▶ What is required: Given the listing below, write out exactly the lines starting with the line that has "#690=CARTESIAN_POINT('Ctrl Pts',(23.632,30.92,4.538));" and going on through the line that has "#711=CARTESIAN_POINT('Origin',(0.,0.,0.));", both kept.

▶ Records for the task:
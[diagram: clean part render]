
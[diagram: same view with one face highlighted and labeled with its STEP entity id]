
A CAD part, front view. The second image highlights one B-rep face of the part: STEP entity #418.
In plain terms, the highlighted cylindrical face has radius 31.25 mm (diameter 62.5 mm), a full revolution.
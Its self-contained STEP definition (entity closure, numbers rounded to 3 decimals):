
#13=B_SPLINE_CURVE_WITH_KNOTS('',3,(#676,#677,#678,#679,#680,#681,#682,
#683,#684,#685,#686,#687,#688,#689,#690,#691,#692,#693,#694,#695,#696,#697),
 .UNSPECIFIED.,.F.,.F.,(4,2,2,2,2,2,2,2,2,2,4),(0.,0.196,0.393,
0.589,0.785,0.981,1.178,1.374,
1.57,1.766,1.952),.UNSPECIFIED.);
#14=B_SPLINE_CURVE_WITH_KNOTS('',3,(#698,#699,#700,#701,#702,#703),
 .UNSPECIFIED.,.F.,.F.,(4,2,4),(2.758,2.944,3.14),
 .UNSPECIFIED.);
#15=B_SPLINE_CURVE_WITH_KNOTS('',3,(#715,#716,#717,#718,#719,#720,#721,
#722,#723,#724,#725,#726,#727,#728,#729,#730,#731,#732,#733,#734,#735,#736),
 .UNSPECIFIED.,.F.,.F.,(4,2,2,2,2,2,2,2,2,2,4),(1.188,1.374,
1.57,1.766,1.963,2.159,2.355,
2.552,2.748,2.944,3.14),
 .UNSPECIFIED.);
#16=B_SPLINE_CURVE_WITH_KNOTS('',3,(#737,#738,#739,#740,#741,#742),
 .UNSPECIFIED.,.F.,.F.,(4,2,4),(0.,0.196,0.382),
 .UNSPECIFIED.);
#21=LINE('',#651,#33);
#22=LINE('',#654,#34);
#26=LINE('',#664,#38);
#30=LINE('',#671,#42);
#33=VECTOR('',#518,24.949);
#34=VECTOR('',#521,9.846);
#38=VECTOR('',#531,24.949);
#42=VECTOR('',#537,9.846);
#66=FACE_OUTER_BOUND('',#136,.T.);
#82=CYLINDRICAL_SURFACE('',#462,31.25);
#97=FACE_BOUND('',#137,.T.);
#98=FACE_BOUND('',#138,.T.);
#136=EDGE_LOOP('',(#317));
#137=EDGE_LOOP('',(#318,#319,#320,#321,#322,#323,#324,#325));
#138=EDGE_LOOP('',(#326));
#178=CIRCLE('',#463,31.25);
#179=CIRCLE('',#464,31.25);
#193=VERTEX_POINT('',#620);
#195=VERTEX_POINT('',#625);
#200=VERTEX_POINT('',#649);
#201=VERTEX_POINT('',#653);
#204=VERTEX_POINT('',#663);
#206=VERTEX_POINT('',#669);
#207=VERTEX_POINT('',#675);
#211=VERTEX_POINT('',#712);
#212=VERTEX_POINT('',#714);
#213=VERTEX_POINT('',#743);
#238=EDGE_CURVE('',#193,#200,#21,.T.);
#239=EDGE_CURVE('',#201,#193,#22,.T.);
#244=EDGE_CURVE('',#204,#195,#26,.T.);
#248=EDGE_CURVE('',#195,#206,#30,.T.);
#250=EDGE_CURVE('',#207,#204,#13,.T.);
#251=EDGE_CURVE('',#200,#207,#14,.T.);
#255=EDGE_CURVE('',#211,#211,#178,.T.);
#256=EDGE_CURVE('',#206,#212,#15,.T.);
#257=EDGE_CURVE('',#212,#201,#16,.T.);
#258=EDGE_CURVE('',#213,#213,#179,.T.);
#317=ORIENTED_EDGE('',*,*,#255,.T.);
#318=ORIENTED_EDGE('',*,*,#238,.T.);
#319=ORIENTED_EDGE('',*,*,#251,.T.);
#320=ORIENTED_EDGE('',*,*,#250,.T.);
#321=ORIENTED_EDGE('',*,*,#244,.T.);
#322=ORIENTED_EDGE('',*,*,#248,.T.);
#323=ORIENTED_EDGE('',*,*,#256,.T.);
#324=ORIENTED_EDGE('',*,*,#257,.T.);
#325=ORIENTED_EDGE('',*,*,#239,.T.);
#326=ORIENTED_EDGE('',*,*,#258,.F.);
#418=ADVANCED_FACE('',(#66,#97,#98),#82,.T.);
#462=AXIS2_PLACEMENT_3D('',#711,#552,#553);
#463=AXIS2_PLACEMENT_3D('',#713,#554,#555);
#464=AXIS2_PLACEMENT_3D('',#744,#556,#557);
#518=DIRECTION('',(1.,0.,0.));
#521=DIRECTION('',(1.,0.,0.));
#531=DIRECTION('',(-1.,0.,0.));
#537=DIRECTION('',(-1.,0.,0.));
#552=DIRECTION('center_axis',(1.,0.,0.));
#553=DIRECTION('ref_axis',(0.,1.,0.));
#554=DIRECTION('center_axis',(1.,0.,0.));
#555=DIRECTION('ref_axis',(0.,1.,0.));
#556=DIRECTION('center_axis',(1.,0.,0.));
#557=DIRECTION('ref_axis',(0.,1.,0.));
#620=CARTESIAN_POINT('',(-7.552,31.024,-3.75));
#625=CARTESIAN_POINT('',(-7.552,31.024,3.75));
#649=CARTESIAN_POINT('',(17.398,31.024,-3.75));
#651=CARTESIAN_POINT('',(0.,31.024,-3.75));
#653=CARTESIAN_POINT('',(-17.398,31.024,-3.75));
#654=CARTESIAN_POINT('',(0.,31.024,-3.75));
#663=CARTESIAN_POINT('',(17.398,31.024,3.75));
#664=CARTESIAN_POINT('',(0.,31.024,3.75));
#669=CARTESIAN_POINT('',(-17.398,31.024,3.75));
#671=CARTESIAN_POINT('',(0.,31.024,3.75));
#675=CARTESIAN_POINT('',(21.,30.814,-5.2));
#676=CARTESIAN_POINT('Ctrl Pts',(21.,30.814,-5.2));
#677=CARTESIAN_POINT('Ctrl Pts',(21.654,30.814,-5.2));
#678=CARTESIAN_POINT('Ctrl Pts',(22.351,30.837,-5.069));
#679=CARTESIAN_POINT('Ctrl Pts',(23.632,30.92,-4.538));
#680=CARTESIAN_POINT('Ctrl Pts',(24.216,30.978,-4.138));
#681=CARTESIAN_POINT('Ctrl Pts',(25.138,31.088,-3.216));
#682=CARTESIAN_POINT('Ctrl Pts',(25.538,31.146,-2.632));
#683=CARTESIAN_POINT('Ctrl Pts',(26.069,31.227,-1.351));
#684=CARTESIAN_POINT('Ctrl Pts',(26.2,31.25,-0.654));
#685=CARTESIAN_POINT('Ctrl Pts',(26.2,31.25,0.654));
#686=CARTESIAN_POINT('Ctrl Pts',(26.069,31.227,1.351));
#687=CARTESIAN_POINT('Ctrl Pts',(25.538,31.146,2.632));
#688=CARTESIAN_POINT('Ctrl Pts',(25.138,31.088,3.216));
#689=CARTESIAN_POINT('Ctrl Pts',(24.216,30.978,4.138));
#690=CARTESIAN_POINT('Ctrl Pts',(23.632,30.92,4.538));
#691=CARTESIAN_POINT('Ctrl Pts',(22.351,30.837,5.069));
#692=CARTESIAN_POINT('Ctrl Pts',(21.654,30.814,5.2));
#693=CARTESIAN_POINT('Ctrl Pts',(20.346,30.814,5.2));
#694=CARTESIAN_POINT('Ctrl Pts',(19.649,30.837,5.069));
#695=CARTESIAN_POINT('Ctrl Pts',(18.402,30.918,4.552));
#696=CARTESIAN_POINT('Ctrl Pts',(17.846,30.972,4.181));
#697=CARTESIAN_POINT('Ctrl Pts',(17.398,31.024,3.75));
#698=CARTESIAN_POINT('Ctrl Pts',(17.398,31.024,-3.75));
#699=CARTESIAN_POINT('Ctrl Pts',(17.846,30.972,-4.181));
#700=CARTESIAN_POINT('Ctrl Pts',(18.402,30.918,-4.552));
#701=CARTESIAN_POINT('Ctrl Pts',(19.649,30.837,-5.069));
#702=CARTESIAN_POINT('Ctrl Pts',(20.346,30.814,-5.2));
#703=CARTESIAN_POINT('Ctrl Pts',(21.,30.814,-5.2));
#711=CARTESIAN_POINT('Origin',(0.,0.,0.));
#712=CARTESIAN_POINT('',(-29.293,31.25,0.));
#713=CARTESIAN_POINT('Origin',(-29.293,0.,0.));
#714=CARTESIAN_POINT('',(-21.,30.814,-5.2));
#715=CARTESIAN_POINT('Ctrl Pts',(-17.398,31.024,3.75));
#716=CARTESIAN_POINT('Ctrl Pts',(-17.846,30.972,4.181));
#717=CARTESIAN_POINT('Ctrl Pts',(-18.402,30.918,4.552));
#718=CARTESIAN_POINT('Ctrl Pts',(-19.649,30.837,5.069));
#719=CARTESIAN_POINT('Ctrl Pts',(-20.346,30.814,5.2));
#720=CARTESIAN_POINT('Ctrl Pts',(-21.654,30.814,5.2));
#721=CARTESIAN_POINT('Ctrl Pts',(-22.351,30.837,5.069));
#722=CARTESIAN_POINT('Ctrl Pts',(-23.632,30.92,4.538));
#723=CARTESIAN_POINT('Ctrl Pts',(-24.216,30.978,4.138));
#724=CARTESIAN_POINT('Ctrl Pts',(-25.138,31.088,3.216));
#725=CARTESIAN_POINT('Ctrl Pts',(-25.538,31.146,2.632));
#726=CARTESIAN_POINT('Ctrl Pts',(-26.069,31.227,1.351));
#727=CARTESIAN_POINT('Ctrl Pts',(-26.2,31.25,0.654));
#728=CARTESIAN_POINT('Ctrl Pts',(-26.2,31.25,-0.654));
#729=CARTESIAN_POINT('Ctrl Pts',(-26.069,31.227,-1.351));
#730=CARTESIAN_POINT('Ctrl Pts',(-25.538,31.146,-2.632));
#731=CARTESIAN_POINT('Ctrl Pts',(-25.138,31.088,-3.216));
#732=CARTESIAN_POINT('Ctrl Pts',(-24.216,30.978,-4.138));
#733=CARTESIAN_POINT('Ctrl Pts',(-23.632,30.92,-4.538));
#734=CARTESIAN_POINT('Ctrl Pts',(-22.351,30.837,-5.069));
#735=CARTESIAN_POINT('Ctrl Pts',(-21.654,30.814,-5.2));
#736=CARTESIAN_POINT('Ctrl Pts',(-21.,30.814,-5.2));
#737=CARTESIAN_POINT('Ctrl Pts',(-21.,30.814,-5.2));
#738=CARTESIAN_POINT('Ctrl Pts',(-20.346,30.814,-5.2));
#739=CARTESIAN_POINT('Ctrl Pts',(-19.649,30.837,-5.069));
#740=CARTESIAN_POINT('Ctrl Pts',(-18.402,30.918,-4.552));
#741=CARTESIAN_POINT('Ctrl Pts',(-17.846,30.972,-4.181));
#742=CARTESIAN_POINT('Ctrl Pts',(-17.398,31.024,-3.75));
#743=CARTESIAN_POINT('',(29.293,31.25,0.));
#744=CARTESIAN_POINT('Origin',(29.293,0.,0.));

▶ Task response:
#690=CARTESIAN_POINT('Ctrl Pts',(23.632,30.92,4.538));
#691=CARTESIAN_POINT('Ctrl Pts',(22.351,30.837,5.069));
#692=CARTESIAN_POINT('Ctrl Pts',(21.654,30.814,5.2));
#693=CARTESIAN_POINT('Ctrl Pts',(20.346,30.814,5.2));
#694=CARTESIAN_POINT('Ctrl Pts',(19.649,30.837,5.069));
#695=CARTESIAN_POINT('Ctrl Pts',(18.402,30.918,4.552));
#696=CARTESIAN_POINT('Ctrl Pts',(17.846,30.972,4.181));
#697=CARTESIAN_POINT('Ctrl Pts',(17.398,31.024,3.75));
#698=CARTESIAN_POINT('Ctrl Pts',(17.398,31.024,-3.75));
#699=CARTESIAN_POINT('Ctrl Pts',(17.846,30.972,-4.181));
#700=CARTESIAN_POINT('Ctrl Pts',(18.402,30.918,-4.552));
#701=CARTESIAN_POINT('Ctrl Pts',(19.649,30.837,-5.069));
#702=CARTESIAN_POINT('Ctrl Pts',(20.346,30.814,-5.2));
#703=CARTESIAN_POINT('Ctrl Pts',(21.,30.814,-5.2));
#711=CARTESIAN_POINT('Origin',(0.,0.,0.));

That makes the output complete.